* [Exercise instructions]: Using the listing below, extract each line that has the word "Full" in it.

[Start of section]

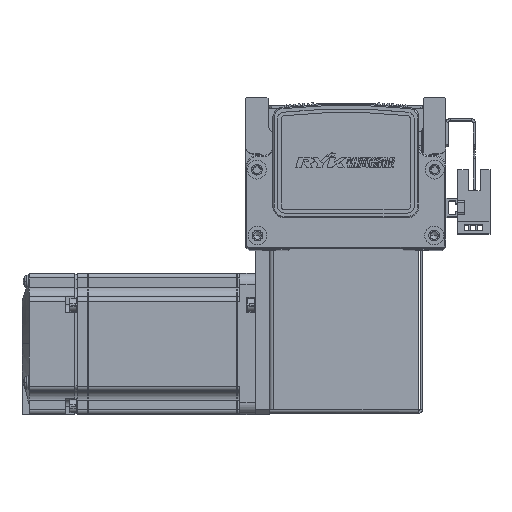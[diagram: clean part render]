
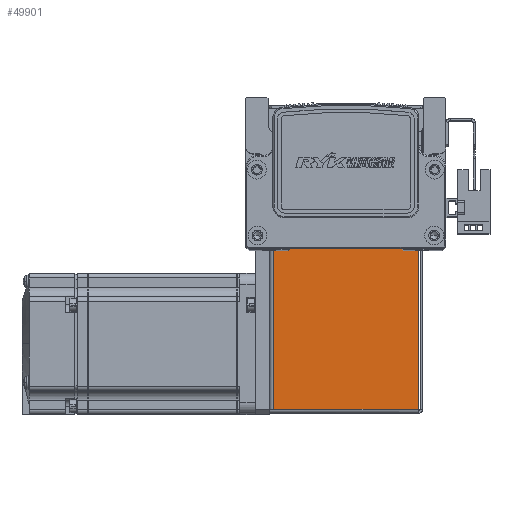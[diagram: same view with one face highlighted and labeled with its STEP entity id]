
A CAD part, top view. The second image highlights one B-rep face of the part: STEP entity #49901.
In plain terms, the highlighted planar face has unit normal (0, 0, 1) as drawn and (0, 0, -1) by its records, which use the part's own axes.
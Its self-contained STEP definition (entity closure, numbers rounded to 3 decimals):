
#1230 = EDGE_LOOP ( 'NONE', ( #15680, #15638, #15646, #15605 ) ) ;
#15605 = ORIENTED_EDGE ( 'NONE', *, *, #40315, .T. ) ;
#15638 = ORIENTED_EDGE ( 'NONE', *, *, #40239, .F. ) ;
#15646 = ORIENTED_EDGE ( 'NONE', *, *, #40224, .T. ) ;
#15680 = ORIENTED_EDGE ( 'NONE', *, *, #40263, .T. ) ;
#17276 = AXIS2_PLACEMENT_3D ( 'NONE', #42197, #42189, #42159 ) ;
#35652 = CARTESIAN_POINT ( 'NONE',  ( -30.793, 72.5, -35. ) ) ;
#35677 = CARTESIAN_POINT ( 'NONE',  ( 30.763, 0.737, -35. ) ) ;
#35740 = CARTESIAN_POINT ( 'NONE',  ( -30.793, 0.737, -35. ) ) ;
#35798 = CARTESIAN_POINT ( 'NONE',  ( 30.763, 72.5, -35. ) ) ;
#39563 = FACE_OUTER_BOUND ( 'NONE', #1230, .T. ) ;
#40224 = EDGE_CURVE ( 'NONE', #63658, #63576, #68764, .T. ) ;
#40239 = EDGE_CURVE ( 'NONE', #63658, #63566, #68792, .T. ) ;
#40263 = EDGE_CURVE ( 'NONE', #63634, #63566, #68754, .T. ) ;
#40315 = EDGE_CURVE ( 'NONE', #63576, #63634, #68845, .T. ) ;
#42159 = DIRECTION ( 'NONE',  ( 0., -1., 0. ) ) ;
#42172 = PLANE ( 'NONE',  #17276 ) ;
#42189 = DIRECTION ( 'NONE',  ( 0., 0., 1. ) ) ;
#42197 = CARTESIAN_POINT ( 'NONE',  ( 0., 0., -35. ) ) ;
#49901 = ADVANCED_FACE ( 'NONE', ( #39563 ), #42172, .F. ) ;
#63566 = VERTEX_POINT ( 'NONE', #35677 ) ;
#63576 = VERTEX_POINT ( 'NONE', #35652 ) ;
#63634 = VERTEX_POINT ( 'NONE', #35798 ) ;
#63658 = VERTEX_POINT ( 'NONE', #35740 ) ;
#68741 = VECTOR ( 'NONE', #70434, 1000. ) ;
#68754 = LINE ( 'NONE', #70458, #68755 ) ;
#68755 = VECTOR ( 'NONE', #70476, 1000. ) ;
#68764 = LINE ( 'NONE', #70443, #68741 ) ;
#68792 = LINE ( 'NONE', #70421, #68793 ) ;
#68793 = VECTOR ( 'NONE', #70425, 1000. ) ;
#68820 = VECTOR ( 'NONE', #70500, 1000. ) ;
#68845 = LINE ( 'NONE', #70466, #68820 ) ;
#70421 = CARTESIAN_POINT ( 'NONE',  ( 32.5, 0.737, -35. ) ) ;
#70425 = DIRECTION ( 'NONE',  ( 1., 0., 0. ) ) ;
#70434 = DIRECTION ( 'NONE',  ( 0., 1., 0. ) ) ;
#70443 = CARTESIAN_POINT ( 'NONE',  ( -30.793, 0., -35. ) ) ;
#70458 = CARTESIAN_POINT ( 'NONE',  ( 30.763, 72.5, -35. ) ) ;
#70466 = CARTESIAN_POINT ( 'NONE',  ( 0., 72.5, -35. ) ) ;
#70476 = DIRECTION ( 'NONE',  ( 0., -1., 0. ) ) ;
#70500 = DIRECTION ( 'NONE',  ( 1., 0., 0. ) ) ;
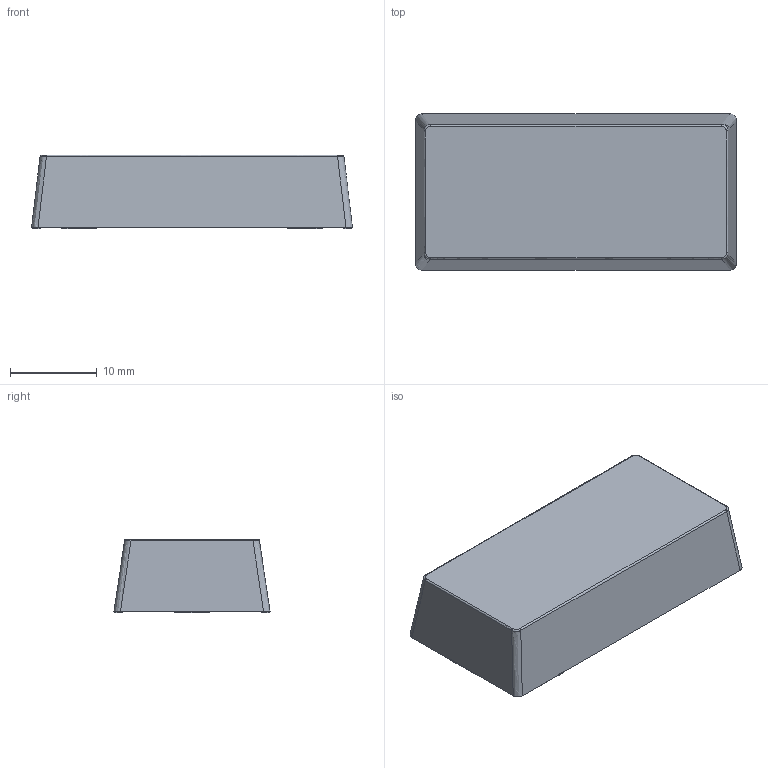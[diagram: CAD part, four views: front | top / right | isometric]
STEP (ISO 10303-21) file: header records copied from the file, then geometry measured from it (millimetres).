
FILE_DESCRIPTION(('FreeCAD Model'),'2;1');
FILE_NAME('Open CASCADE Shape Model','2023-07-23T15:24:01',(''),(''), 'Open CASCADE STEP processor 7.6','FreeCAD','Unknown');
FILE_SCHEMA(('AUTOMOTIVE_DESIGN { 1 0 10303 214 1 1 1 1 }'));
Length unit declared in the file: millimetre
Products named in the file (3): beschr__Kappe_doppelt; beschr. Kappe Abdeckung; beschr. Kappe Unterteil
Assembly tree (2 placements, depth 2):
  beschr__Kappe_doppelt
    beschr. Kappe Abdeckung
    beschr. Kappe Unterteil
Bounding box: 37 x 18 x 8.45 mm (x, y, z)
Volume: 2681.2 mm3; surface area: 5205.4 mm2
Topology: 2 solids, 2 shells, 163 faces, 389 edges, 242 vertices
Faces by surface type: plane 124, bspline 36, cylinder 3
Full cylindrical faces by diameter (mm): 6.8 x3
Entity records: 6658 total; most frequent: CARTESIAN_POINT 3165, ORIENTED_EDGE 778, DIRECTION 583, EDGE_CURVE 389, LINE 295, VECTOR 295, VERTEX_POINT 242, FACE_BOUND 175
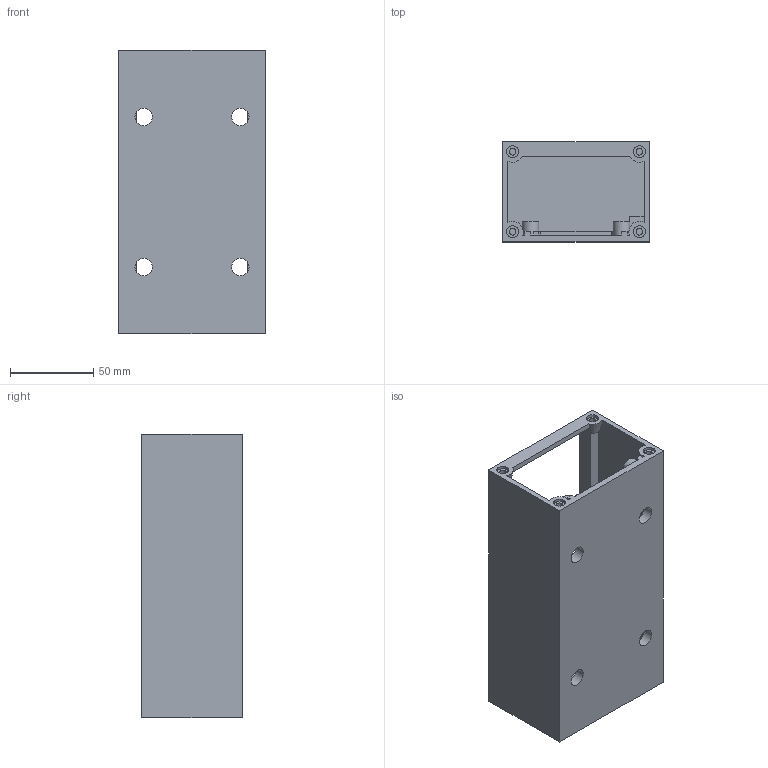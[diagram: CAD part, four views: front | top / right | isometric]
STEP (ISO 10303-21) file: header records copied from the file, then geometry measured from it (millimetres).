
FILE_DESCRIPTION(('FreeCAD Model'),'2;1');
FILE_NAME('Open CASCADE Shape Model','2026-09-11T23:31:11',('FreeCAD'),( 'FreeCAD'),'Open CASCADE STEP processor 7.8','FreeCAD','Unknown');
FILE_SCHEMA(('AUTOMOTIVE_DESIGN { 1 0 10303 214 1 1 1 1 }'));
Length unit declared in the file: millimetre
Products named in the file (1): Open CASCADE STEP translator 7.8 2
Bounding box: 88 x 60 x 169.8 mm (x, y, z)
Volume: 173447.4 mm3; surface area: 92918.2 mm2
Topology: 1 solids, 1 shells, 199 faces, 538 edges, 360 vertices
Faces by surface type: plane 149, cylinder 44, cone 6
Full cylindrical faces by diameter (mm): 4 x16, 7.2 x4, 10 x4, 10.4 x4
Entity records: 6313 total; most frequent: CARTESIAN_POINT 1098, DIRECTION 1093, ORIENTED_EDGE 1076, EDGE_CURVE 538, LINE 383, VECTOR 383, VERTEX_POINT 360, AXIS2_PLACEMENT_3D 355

[End of section]

* [Response area]:
Full cylindrical faces by diameter (mm): 6.8 x3
Full cylindrical faces by diameter (mm): 4 x16, 7.2 x4, 10 x4, 10.4 x4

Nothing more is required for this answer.